I agree with you, adding more features to be accessed inside the Javascript will be great for the future, but I think we should create different PRs for the new features we may want to add, to start testing it with our customers. ClearScript opens a whole new possibilities for us to add features to the javascript. As @fadoaglauss said, we may want to create a pattern for being able to monitor all modifications/calls made by the users inside the javascript first. Feel free to open PRs and we may discuss these features and observability of them there!

About the async, it would be difficult to consider both patterns at the same time. If I want to remove the async suffix inside the javascript, I would need a C# method without the async suffix. I choose to keep c# patterns and then in the javascript will be clearer to the users they are using a async function just looking the name... I would like to keep this pattern to avoid creating c# smells.

lucasoares commented 5 months ago

There is a limit recursion and max statements?

No, there is not. But I personally think for now we don't need it. We should keep monitoring of course, and maybe lower the timeout or heap size limit.

The thing is, based on my benchmark, that Jint consumes too much memory when doing recursion or loops. For example executing this script:

                                       function run() {
                                           let a = 0;

                                           while (a < 1000) {
                                               a++;
                                           }

                                           return a;
                                       }

Will consume 10MB memory on Jint (and 11.6s to execute) but only 54KB on ClearScript + V8 and will take almost the same time to execute as the simplest script used in the benchmark test.

We may use CPU usage to limit our user's scripts in the future, but I don't really know how we would do that. You may want to check this issue: https://github.com/microsoft/ClearScript/issues/578

I just added a recursion benchmark to show how bad our 4-years old outdated Jint deals with it:

1000 calls Method Mean Error StdDev Gen0 Gen1 Allocated
ExecuteScriptV2RecursionLoopScript 1.605 ms 0.0264 ms 0.0247 ms 3.9063 1.9531 56.84 KB
ExecuteScriptV1RecursionLoopScript 32.415 ms 0.2150 ms 0.1795 ms 1812.5000 437.5000 22328.14 KB
10000 calls Method Mean Error StdDev Gen0 Allocated
ExecuteScriptV1RecursionLoopScript NA NA NA NA NA
ExecuteScriptV2RecursionLoopScript 2.396 ms 0.0474 ms 0.0695 ms 3.9063 57.39 KB

Jint just throws exception, even setting 100000000 as the recursion limit.

ceifa commented 5 months ago

About the async, it would be difficult to consider both patterns at the same time. If I want to remove the async suffix inside the javascript, I would need a C# method without the async suffix. I choose to keep c# patterns and then in the javascript will be clearer to the users they are using a async function just looking the name... I would like to keep this pattern to avoid creating c# smells.

Actually you don't need to change the method names, you can just change your attribute loader "LowerCaseMembersLoader". You can add a check if the method returns a Task, remove the "Async" suffix.

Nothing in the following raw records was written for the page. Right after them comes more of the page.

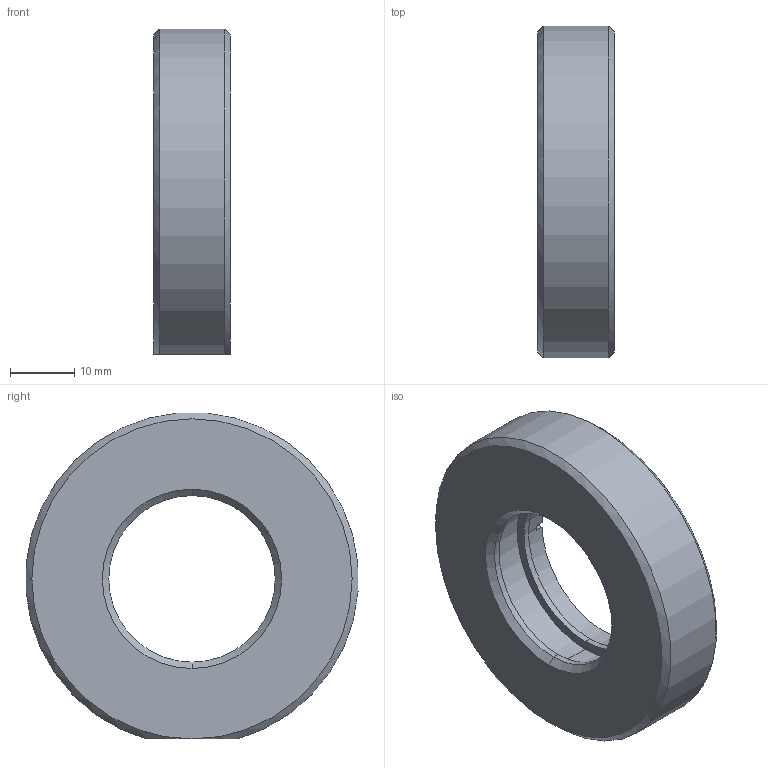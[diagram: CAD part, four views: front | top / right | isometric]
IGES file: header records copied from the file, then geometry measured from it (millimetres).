
Global section: file name: No Iges File Name specified; native system: AutoDesk Inventor R11.0; preprocessor: AutoDesk Inventor Iges Exporter R11.0; author: No Author specified; organization: No Organization specified; date: 20070913.093313; units: millimetre
Bounding box: 12 x 51.84 x 50.9 mm (x, y, z)
Volume: 17515.7 mm3; surface area: 6340.5 mm2
Topology: 1 solids, 1 shells, 54 faces, 128 edges, 78 vertices
Faces by surface type: bspline 24, plane 18, revolution 7, cone 4, cylinder 1
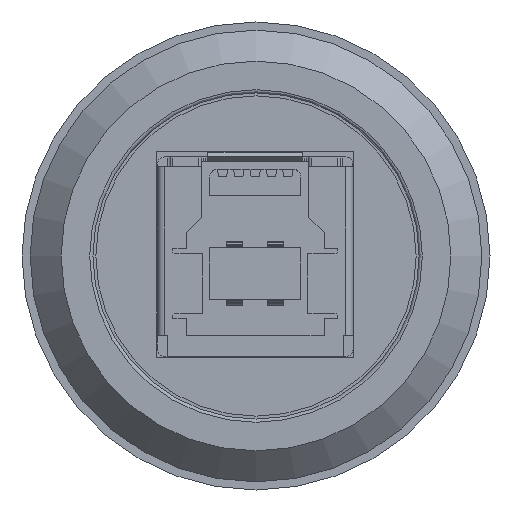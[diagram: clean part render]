
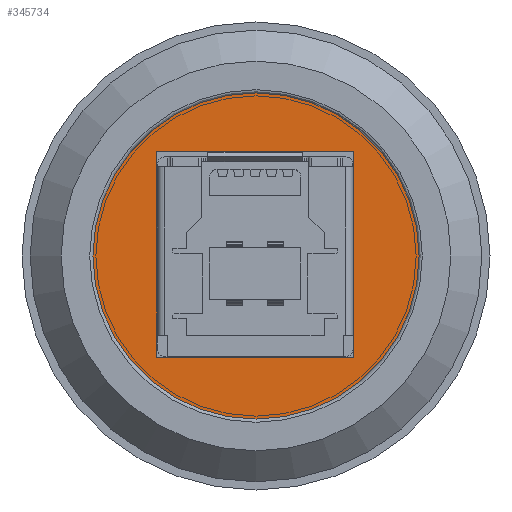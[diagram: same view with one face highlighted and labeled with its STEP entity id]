
A CAD part, front view. The second image highlights one B-rep face of the part: STEP entity #345734.
In plain terms, the highlighted planar face has unit normal (0, -1, 0).
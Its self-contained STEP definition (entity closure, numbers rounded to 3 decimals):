
#316449 = VERTEX_POINT('',#316450);
#316450 = CARTESIAN_POINT('',(10.,-17.5,0.));
#316456 = EDGE_CURVE('',#316449,#316449,#316457,.T.);
#316457 = CIRCLE('',#316458,10.);
#316458 = AXIS2_PLACEMENT_3D('',#316459,#316460,#316461);
#316459 = CARTESIAN_POINT('',(0.,-17.5,0.));
#316460 = DIRECTION('',(-0.,1.,0.));
#316461 = DIRECTION('',(1.,0.,0.));
#345734 = ADVANCED_FACE('',(#345735,#345738),#345772,.F.);
#345735 = FACE_BOUND('',#345736,.F.);
#345736 = EDGE_LOOP('',(#345737));
#345737 = ORIENTED_EDGE('',*,*,#316456,.T.);
#345738 = FACE_BOUND('',#345739,.F.);
#345739 = EDGE_LOOP('',(#345740,#345750,#345758,#345766));
#345740 = ORIENTED_EDGE('',*,*,#345741,.F.);
#345741 = EDGE_CURVE('',#345742,#345744,#345746,.T.);
#345742 = VERTEX_POINT('',#345743);
#345743 = CARTESIAN_POINT('',(-6.1,-17.5,6.4));
#345744 = VERTEX_POINT('',#345745);
#345745 = CARTESIAN_POINT('',(6.,-17.5,6.4));
#345746 = LINE('',#345747,#345748);
#345747 = CARTESIAN_POINT('',(-3.05,-17.5,6.4));
#345748 = VECTOR('',#345749,1.);
#345749 = DIRECTION('',(1.,0.,0.));
#345750 = ORIENTED_EDGE('',*,*,#345751,.T.);
#345751 = EDGE_CURVE('',#345742,#345752,#345754,.T.);
#345752 = VERTEX_POINT('',#345753);
#345753 = CARTESIAN_POINT('',(-6.1,-17.5,-6.2));
#345754 = LINE('',#345755,#345756);
#345755 = CARTESIAN_POINT('',(-6.1,-17.5,-3.1));
#345756 = VECTOR('',#345757,1.);
#345757 = DIRECTION('',(0.,0.,-1.));
#345758 = ORIENTED_EDGE('',*,*,#345759,.T.);
#345759 = EDGE_CURVE('',#345752,#345760,#345762,.T.);
#345760 = VERTEX_POINT('',#345761);
#345761 = CARTESIAN_POINT('',(6.,-17.5,-6.2));
#345762 = LINE('',#345763,#345764);
#345763 = CARTESIAN_POINT('',(-3.05,-17.5,-6.2));
#345764 = VECTOR('',#345765,1.);
#345765 = DIRECTION('',(1.,0.,0.));
#345766 = ORIENTED_EDGE('',*,*,#345767,.F.);
#345767 = EDGE_CURVE('',#345744,#345760,#345768,.T.);
#345768 = LINE('',#345769,#345770);
#345769 = CARTESIAN_POINT('',(6.,-17.5,-3.1));
#345770 = VECTOR('',#345771,1.);
#345771 = DIRECTION('',(0.,0.,-1.));
#345772 = PLANE('',#345773);
#345773 = AXIS2_PLACEMENT_3D('',#345774,#345775,#345776);
#345774 = CARTESIAN_POINT('',(0.,-17.5,0.));
#345775 = DIRECTION('',(0.,1.,0.));
#345776 = DIRECTION('',(1.,0.,0.));

But it's okay if your decision is to keep it anyway...

lucasoares commented 5 months ago

Actually you don't need to change the method names, you can just change your attribute loader "LowerCaseMembersLoader". You can add a check if the method returns a Task, remove the "Async" suffix.

But it's okay if your decision is to keep it anyway...

True, I could do it in the LowerCaseMembersLoader loader. But then it would raise another issue when a class have both methods, with and without async suffix... I think we should let it as it is. Thanks for your input tho!